Company – Appnomic Systems
Location – Mumbai
Status – Full Time, Employee
Job Category – Senior Analyst for Incident Analysis and Alert management
Relevant Work Experience – 4 – 8 Years
Career Level – Experienced (Non Manager)
Education Level – Bachelor’s degree or higher in Computer Science, Engineering
About Appnomic:
Appnomic is a leading provider of innovative IT operations management solutions, specializing in Application Performance Monitoring (APM) and Artificial Intelligence for IT Operations (AIOps). Founded with a mission to transform how businesses manage and optimize their IT infrastructure, Appnomic leverages advanced analytics, machine learning, and automation to deliver unparalleled insights and proactive solutions. Our comprehensive platform empowers organizations to predict, detect, and resolve IT issues before they impact end-users, ensuring seamless operations and enhanced user experiences.
Read more at appnomic.com and follow us on Twitter and on LinkedIn.
Responsibilities:
- Identify areas of opportunity for stabilization of Application environments,
- Minimize application outages and cost saves through better management of HW/SW resources, with the help of other infrastructure team.
- Enable App owners to identify new ways to improve resilience, performance levels and supportability Weekly/Monthly Alert analysis to review the benefits shown out of HEAL, by doing;
o Process optimization
o Application Hygiene activity
o Application Capacity Upgrade
o Incident integration with existing ITSM tool
o Alert management, checking for all alerts getting captured. Fine tuning for False alert, wrong alerts.
o Ongoing adjustment of thresholds alerts in all application.

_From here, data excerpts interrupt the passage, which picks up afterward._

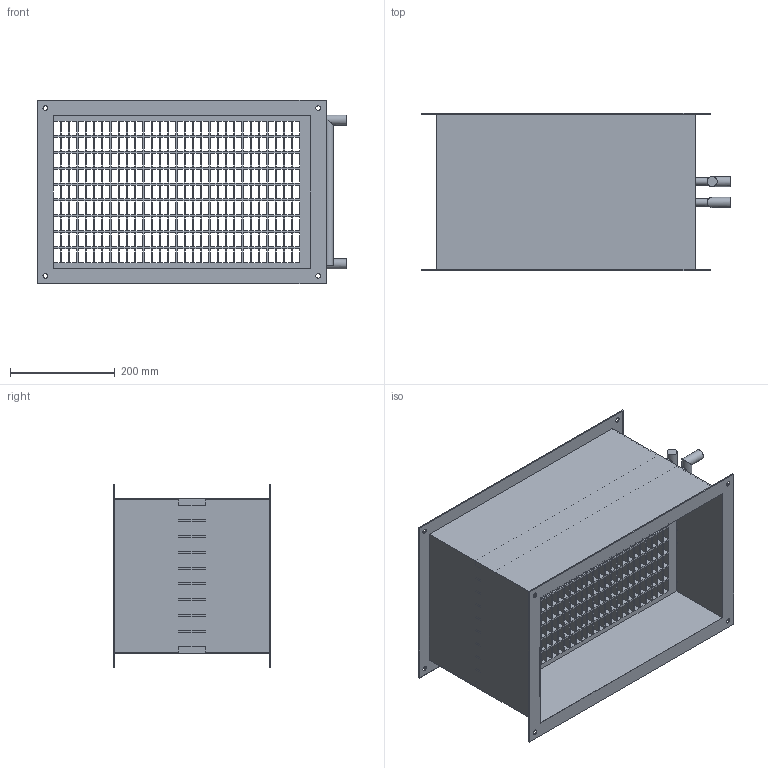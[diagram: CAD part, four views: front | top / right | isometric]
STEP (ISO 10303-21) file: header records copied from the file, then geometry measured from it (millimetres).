
FILE_DESCRIPTION(/* description */ (''),/* implementation_level */ '2;1');
FILE_NAME(/* name */ 'Z:\Output\WHR 2-50-30-08784-003.stp',/* time_stamp */ '2017-05-05T18:44:35+02:00',/* author */ ('jayeshpanchal'),/* organization */ (''),/* preprocessor_version */ 'ST-DEVELOPER v16.5',/* originating_system */ 'Autodesk Inventor 2017',/* authorisation */ '');
FILE_SCHEMA (('AUTOMOTIVE_DESIGN { 1 0 10303 214 3 1 1 }'));
Length unit declared in the file: millimetre
Products named in the file (1): WHRK-1
Bounding box: 589 x 300 x 350 mm (x, y, z)
Volume: 3676322.1 mm3; surface area: 2282448.9 mm2
Topology: 1 solids, 1 shells, 1166 faces, 3502 edges, 2336 vertices
Faces by surface type: plane 1136, cylinder 30
Full cylindrical faces by diameter (mm): 9 x8, 14.05 x18, 19.05 x4
Entity records: 39850 total; most frequent: CARTESIAN_POINT 7399, ORIENTED_EDGE 6900, DIRECTION 5826, EDGE_CURVE 3450, LINE 3336, VECTOR 3336, VERTEX_POINT 2314, EDGE_LOOP 1782
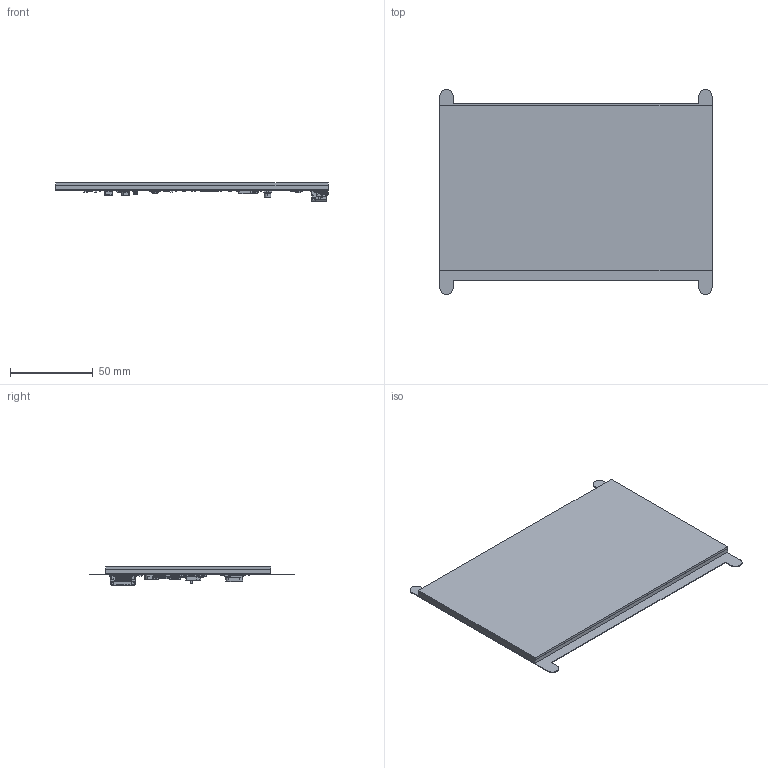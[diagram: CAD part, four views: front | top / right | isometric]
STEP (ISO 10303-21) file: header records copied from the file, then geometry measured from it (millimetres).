
FILE_DESCRIPTION(('Open CASCADE Model'),'2;1');
FILE_NAME('Open CASCADE Shape Model','2022-06-20T13:47:42',('Author'),( 'Open CASCADE'),'Open CASCADE STEP processor 6.2','Open CASCADE 6.2' ,'Unknown');
FILE_SCHEMA(('AUTOMOTIVE_DESIGN { 1 0 10303 214 1 1 1 1 }'));
Length unit declared in the file: millimetre
Products named in the file (172): PCB; Board; C1; 407938176; C2; C3; 407938288; C4; 408055968; C5; 407940080; C6; 407939968; C7; 407937616; C8; C9; 407937728; C10; C11; C12; C13; C14; 407940192; C15; C16; 407937504; C26; 407937952; C27; C28; C29; 407938064; C30; 407938400; C31; C32; C33; C34; C35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
Assembly tree (238 placements, depth 4):
  PCB
    Board
    C1
      407938176
    C2
      407938176
    C3
      407938288
    C4
      408055968
    C5
      407940080
    C6
      407939968
    C7
      407937616
    C8
      407940080
    C9
      407937728
    C10
      407937616
    C11
      408055968
    C12
      407940080
    C13
      407940080
    C14
      407940192
    C15
      407940080
    C16
      407937504
    C26
      407937952
    C27
      407938176
    C28
      407938288
    C29
      407938064
    C30
      407938400
    C31
      407938176
    C32
      407938400
    C33
      407938176
    C34
      407938176
    C35
      407937952
    C36
      407938400
    C37
      407938288
    C38
      407938176
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Bounding box: 164.97 x 124.29 x 11.19 mm (x, y, z)
Volume: 146601.8 mm3; surface area: 165241.4 mm2
Topology: 202 solids, 202 shells, 12766 faces, 33601 edges, 21314 vertices
Faces by surface type: plane 7072, bspline 3693, cylinder 1651, sphere 320, cone 20, torus 10
Entity records: 520919 total; most frequent: CARTESIAN_POINT 195715, DIRECTION 48946, LINE 34274, VECTOR 34274, ORIENTED_EDGE 31818, PCURVE 31818, DEFINITIONAL_REPRESENTATION 31818, EDGE_CURVE 15909

o Integrating HEAL cluster data with other existing tools in Customer environment like ITSM and other APM Tools
Requirement
- Software development experience in JAVA: Should have minimum 3 years of hands-on programming / development / Debugging experience in JAVA
- Experience with monitoring tools like Prometheus, dashboarding tools like Grafana and log monitoring tools like ELK stack.
- Proficiency in using SIEM tools like Splunk, IBM QRadar, ArcSight, or LogRhythm for monitoring and analyzing security events.
- Understanding how to identify, investigate, and respond to security incidents such as malware attacks, phishing, unauthorized access, and other anomalies.
- Proficiency in analyzing logs from various sources (e.g., firewalls, servers, SIEM) to detect suspicious activity.
- Experience in developing and following incident response plans, including containment, eradication, and recovery strategies.
- Proficiency in scripting languages like Python, PowerShell, or Bash for automating alert triage, response tasks, and other repetitive activities.
- Proficiency in using ticketing systems (e.g., ServiceNow, JIRA) for tracking incidents, assigning tasks, and documenting responses.